JAHS teacher Kim Dymond helped organize the event and said everything went phenomenally well.

She said the students learned a lot from participating.

"We started with a slide-show presentation by our Grade 12 students, who all did videos on anti-bullying," said Dymond.

"Then we split into our mentor groups and did activities throughout the school, ranging from a word scramble about bullying to a giant board game, and signing an anti-bullying pledge.

"The students designed personalized hands to place around the school's anti-bullying pledge.

"We also had a truth-or-myth wall with numerous statements about bullying, and students had to decide whether each one was true or a myth."

One of the more popular presentations of the day came from a student group's use of puppets to help make their point.

As well, miles of video was used to film students doing poems and creating slogans.

The video will be edited into a presentation and shown at the school during another anti-bullying day this coming February.

Dymond said the event was a joint co-operation between the school's mentorship and leadership and resiliency (LRP) programs.

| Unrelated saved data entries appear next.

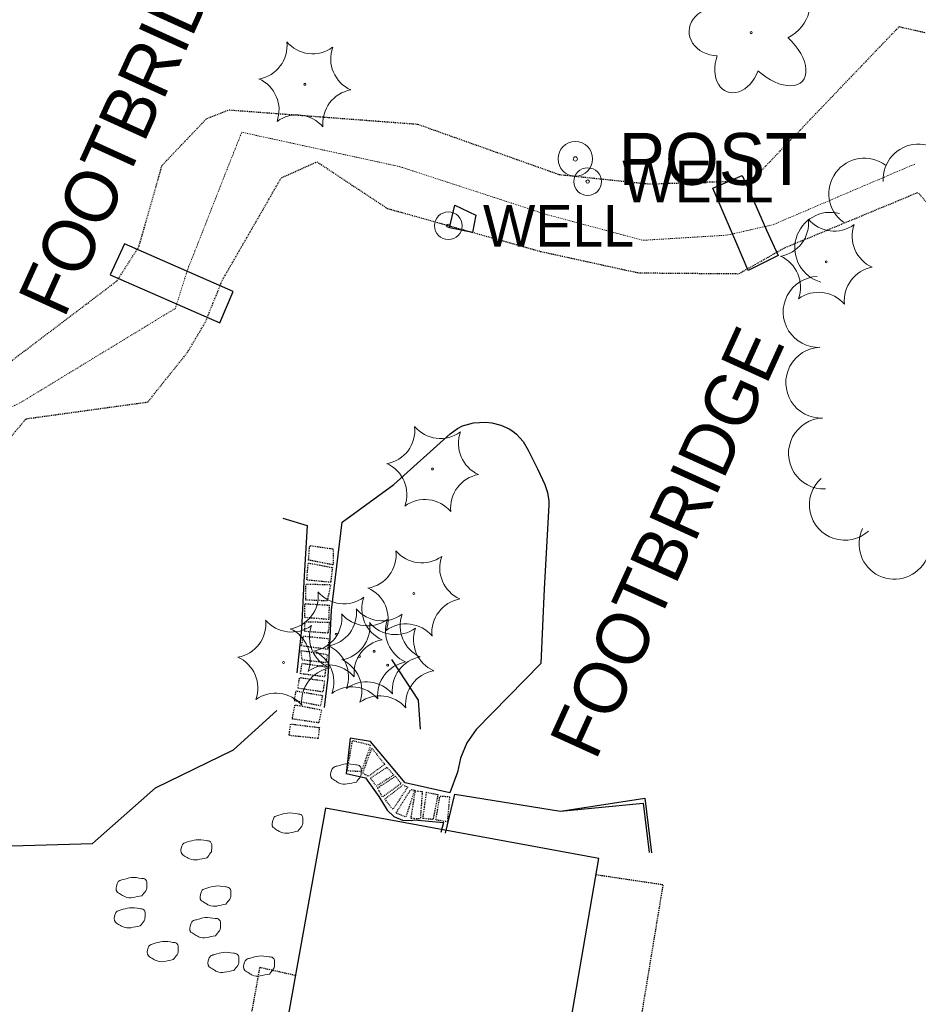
# Model space of a CAD drawing. Extents: x 386588 to 390135, y 96998 to 113606.
# Tile 49 of 93: x 388250 to 388354, y 102112 to 102226. Entities that reach past the tile are written whole.
import ezdxf
from ezdxf.enums import TextEntityAlignment as Align

# ---------------------------------------------------------------- set-up
doc = ezdxf.new("R2010")
doc.units = 0
doc.header["$MEASUREMENT"] = 0
for name, pattern in [('Echnl', [0.4, 0.145, -0.02, 0.01, -0.02, 0.01, -0.02, 0.01, -0.02, 0.145]), ('Wisdot1', [0.0625, 0.03125, -0.03125]), ('Wisdot3', [0.1875, 0.125, -0.0625])]:
    doc.linetypes.add(name, pattern=pattern)
for name, color, linetype, lineweight in [('E_BLD', 241, 'Continuous', 25), ('E_BLD_Steps', 30, 'Wisdot1', 25), ('E_DTM_BreakLines', 30, 'Continuous', 25), ('E_LAND_Vegetation', 3, 'Continuous', 15), ('E_MISCPROP', 30, 'Continuous', 15), ('E_MISCPROP_HvyDash', 241, 'Wisdot3', 25), ('E_MISCPROP_Railing', 30, 'Continuous', 15), ('E_MISCPROP_Solid', 241, 'Continuous', 15), ('E_MISCPROP_Well', 4, 'Continuous', 15), ('E_RDWY_AsphConc', 200, 'Continuous', 25), ('E_STRUCT', 40, 'Continuous', 25), ('E_WAL', 40, 'Continuous', 25), ('E_WTR_Channel', 4, 'Echnl', 15), ('E_WTR_Edge', 4, 'Echnl', 25)]:
    doc.layers.add(name, color=color, linetype=linetype, lineweight=lineweight)
doc.styles.add('Style-dot_font5', font='dot_font5.shx')
doc.styles.add('Style-IGR_FONT_0', font='dot_font15.shx')

# ---------------------------------------------------------------- blocks, each defined once
blk = doc.blocks.new('DTRE')
at = {"layer": 'E_LAND_Vegetation'}
blk.add_circle((-0.18, 0), 0.183, dxfattribs=at)
for centre, major_axis, ratio in [((-1.87, 5.32), (1.36, -4.98), 0.782863), ((4.06, 2.74), (-5.27, -2.93), 0.691916), ((-5.87, 0.15), (4.93, -0.12), 0.832022), ((3.54, -3.71), (-5.01, 4.58), 0.560249), ((-2.49, -5.24), (1.8, 4.86), 0.716896)]:
    blk.add_ellipse(centre, major_axis=major_axis, ratio=ratio, start_param=1.570796, end_param=4.712389, dxfattribs=at)
blk = doc.blocks.new('WELL')
at = {"layer": 'E_MISCPROP_Well'}
for radius in [4, 0.5]:
    blk.add_circle((0, 0), radius, dxfattribs=at)
at = {"layer": 'E_MISCPROP_Well', "style": 'Style-dot_font5'}
blk.add_text('WELL', height=12, dxfattribs=at).set_placement((10, 0), align=Align.MIDDLE_LEFT)

msp = doc.modelspace()

# ---------------------------------------------------------------- linework, layer by layer
at = {"layer": 'E_BLD', "ltscale": 5}
for p, q in [((388299.8, 102201.9), (388300.41, 102204.51)), ((388300.41, 102204.51), (388302.87, 102203.37)), ((388302.87, 102203.37), (388302.46, 102201.36)), ((388302.46, 102201.36), (388299.8, 102201.9)), ((388285.47, 102134.8), (388277.62, 102091.35)), ((388317.09, 102128.97), (388285.47, 102134.8)), ((388317.19, 102129.51), (388317.19, 102129.51)), ((388309.6, 102085.88), (388317.09, 102128.97))]:
    msp.add_line(p, q, dxfattribs=at)
at = {"layer": 'E_BLD_Steps', "flags": 128}
for points in [[(388286.35, 102162.92), (388283.51, 102163.49), (388283.65, 102165.16), (388286.35, 102164.78), (388286.35, 102162.92)], [(388286.07, 102160.91), (388283.32, 102161.17), (388283.47, 102163.15), (388286.27, 102162.62), (388286.07, 102160.91)], [(388285.67, 102158.76), (388283.18, 102158.86), (388283.22, 102160.7), (388286.07, 102160.65), (388285.67, 102158.76)], [(388285.87, 102156.61), (388283.08, 102156.84), (388283.08, 102158.44), (388285.88, 102158.27), (388285.87, 102156.61)], [(388285.75, 102155.03), (388283.05, 102155.23), (388283.11, 102156.36), (388285.91, 102156.29), (388285.75, 102155.03)], [(388285.72, 102153.15), (388282.7, 102153.56), (388282.92, 102154.7), (388285.89, 102154.4), (388285.72, 102153.15)], [(388285.48, 102151.62), (388282.77, 102151.93), (388282.65, 102153.03), (388285.71, 102152.56), (388285.48, 102151.62)], [(388285.37, 102149.98), (388282.57, 102150.35), (388282.77, 102151.55), (388285.51, 102151.14), (388285.37, 102149.98)], [(388285.17, 102148.23), (388282.28, 102148.66), (388282.48, 102149.9), (388285.36, 102149.53), (388285.17, 102148.23)], [(388284.9, 102146.63), (388281.86, 102147.21), (388282.07, 102148.35), (388285.12, 102147.83), (388284.9, 102146.63)], [(388284.69, 102144.66), (388281.63, 102145.11), (388281.94, 102146.75), (388285.02, 102146.17), (388284.69, 102144.66)], [(388284.61, 102142.86), (388281.27, 102143.2), (388281.44, 102144.53), (388284.76, 102144.12), (388284.61, 102142.86)], [(388289.61, 102139.01), (388287.98, 102139.12), (388288.6, 102142.62), (388290.69, 102142.1), (388289.61, 102139.01)], [(388290.82, 102141.72), (388292.33, 102139.88), (388290.42, 102138.48), (388289.78, 102138.85), (388290.82, 102141.72)], [(388290.66, 102138.27), (388292.59, 102139.53), (388293.36, 102138.64), (388291.36, 102137.36), (388290.66, 102138.27)], [(388291.49, 102137.13), (388293.55, 102138.49), (388294.19, 102137.65), (388292.05, 102136.08), (388291.49, 102137.13)], [(388292.34, 102135.85), (388294.43, 102137.49), (388294.98, 102137.23), (388293.26, 102134.65), (388292.34, 102135.85)], [(388293.62, 102134.25), (388295.33, 102136.95), (388295.77, 102136.88), (388294.75, 102133.76), (388293.62, 102134.25)], [(388295.36, 102133.61), (388295.86, 102136.81), (388296.66, 102136.72), (388296.43, 102133.55), (388295.36, 102133.61)], [(388296.74, 102133.61), (388297.16, 102136.64), (388298.47, 102136.38), (388297.9, 102133.49), (388296.74, 102133.61)], [(388298.24, 102133.44), (388298.7, 102136.18), (388299.82, 102136.16), (388299.55, 102133.22), (388298.24, 102133.44)]]:
    msp.add_lwpolyline(points, dxfattribs=at)
at = {"layer": 'E_DTM_BreakLines', "flags": 128}
msp.add_lwpolyline([(388218.96, 102118.31), (388227.08, 102120.58), (388232.13, 102128.48), (388237.77, 102131.18), (388246.45, 102130.37), (388258.52, 102130.72), (388265.83, 102137.17), (388274.82, 102141.56), (388279.83, 102146.11)], dxfattribs=at)
at = {"layer": 'E_LAND_Vegetation'}
for centre in [(388283.09, 102218.48), (388343.38, 102197.97), (388297.86, 102174.01), (388295.7, 102159.63), (388286.7, 102154.9), (388291.11, 102152.93), (388289.42, 102152.35), (388280.63, 102151.63), (388292.66, 102151.33)]:
    msp.add_circle(centre, 0.112, dxfattribs=at)
for centre, radius, start, end in [((388277.1, 102222.96), 3.93, 280.2067, 5.9716), ((388283.99, 102225.94), 3.93, 220.2113, 305.9762), ((388290, 102221.43), 3.93, 160.2113, 245.9762), ((388276.17, 102215.53), 3.93, 340.2113, 65.9762), ((388282.18, 102211.02), 3.93, 40.2113, 125.9762), ((388354.05, 102207.48), 4.1, 3.3981, 183.3981), ((388347.78, 102205.84), 4.1, 53.6253, 233.6253), ((388343.84, 102199.58), 4.1, 74.6712, 254.6712), ((388337.4, 102202.46), 3.93, 280.2067, 5.9716), ((388344.29, 102205.44), 3.93, 220.2113, 305.9762), ((388350.3, 102200.92), 3.93, 160.2113, 245.9762), ((388336.47, 102195.03), 3.93, 340.2113, 65.9762), ((388342.49, 102192.17), 4.1, 92.1934, 272.1934), ((388342.48, 102190.51), 3.93, 40.2113, 125.9762), ((388342.8, 102183.99), 4.1, 92.1934, 272.1934), ((388343.11, 102175.8), 4.1, 92.1934, 272.1934), ((388291.87, 102178.49), 3.93, 280.2067, 5.9716), ((388298.76, 102181.47), 3.93, 220.2113, 305.9762), ((388304.77, 102176.96), 3.93, 160.2113, 245.9762), ((388290.95, 102171.06), 3.93, 340.2113, 65.9762), ((388345.52, 102169.88), 4.1, 132.0552, 312.0552), ((388296.96, 102166.55), 3.93, 40.2113, 125.9762), ((388351.26, 102165.37), 4.1, 154.4504, 334.4504), ((388289.71, 102164.11), 3.93, 280.2067, 5.9716), ((388296.6, 102167.09), 3.93, 220.2113, 305.9762), ((388302.61, 102162.58), 3.93, 160.2113, 245.9762), ((388280.71, 102159.38), 3.93, 280.2067, 5.9716), ((388287.6, 102162.36), 3.93, 220.2113, 305.9762), ((388288.78, 102156.68), 3.93, 340.2113, 65.9762), ((388293.61, 102157.85), 3.93, 160.2113, 245.9762), ((388285.13, 102157.41), 3.93, 280.2067, 5.9716), ((388292.02, 102160.39), 3.93, 220.2113, 305.9762), ((388274.65, 102156.11), 3.93, 280.2067, 5.9716), ((388281.54, 102159.09), 3.93, 220.2113, 305.9762), ((388283.44, 102156.83), 3.93, 280.2067, 5.9716), ((388290.33, 102159.81), 3.93, 220.2113, 305.9762), ((388296.34, 102155.3), 3.93, 160.2113, 245.9762), ((388298.03, 102155.88), 3.93, 160.2113, 245.9762), ((388279.78, 102151.95), 3.93, 340.2113, 65.9762), ((388287.55, 102154.58), 3.93, 160.2113, 245.9762), ((388286.68, 102155.81), 3.93, 280.2067, 5.9716), ((388293.57, 102158.79), 3.93, 220.2113, 305.9762), ((388294.79, 102152.17), 3.93, 40.2113, 125.9762), ((388299.58, 102154.27), 3.93, 160.2113, 245.9762), ((388282.51, 102149.4), 3.93, 340.2113, 65.9762), ((388284.2, 102149.98), 3.93, 340.2113, 65.9762), ((388273.72, 102148.68), 3.93, 340.2113, 65.9762), ((388285.75, 102148.38), 3.93, 340.2113, 65.9762), ((388285.79, 102147.44), 3.93, 40.2113, 125.9762), ((388288.52, 102144.89), 3.93, 40.2113, 125.9762), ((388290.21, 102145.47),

She said the two groups worked together to come up with the day's activities.

"The students do see bullying at the school, especially since they're now aware of actions they didn't know were bullying before, such as making someone do something for you.

"They've begun to understand bullying isn't just yelling at or pushing another student.

"Something like stealing someone's jacket and hiding it on them so they have to walk home without a jacket is also bullying.

"You see some students think about something they're about to do now before actually going ahead with it."

Dymond said bullying via social media and the Internet has also been discussed with the students.

She said one Grade 12 group did a video on cyber-bullying, using Facebook as an example of people writing nasty things on someone's wall or spreading rumours.

"The kids understand pictures they send can be put on Facebook or other sites on the Internet for anyone to see.

"Everyone in the school knows and has talked about Amanda Todd (a Grade 10 student who took her own life earlier this year after being cyber-bullied and blackmailed after baring her breasts to a stranger over the Internet).

"We had an RCMP officer in during our anti-bullying assembly and he talked about Amanda Todd, telling the students what happened to her should never happen to anyone else."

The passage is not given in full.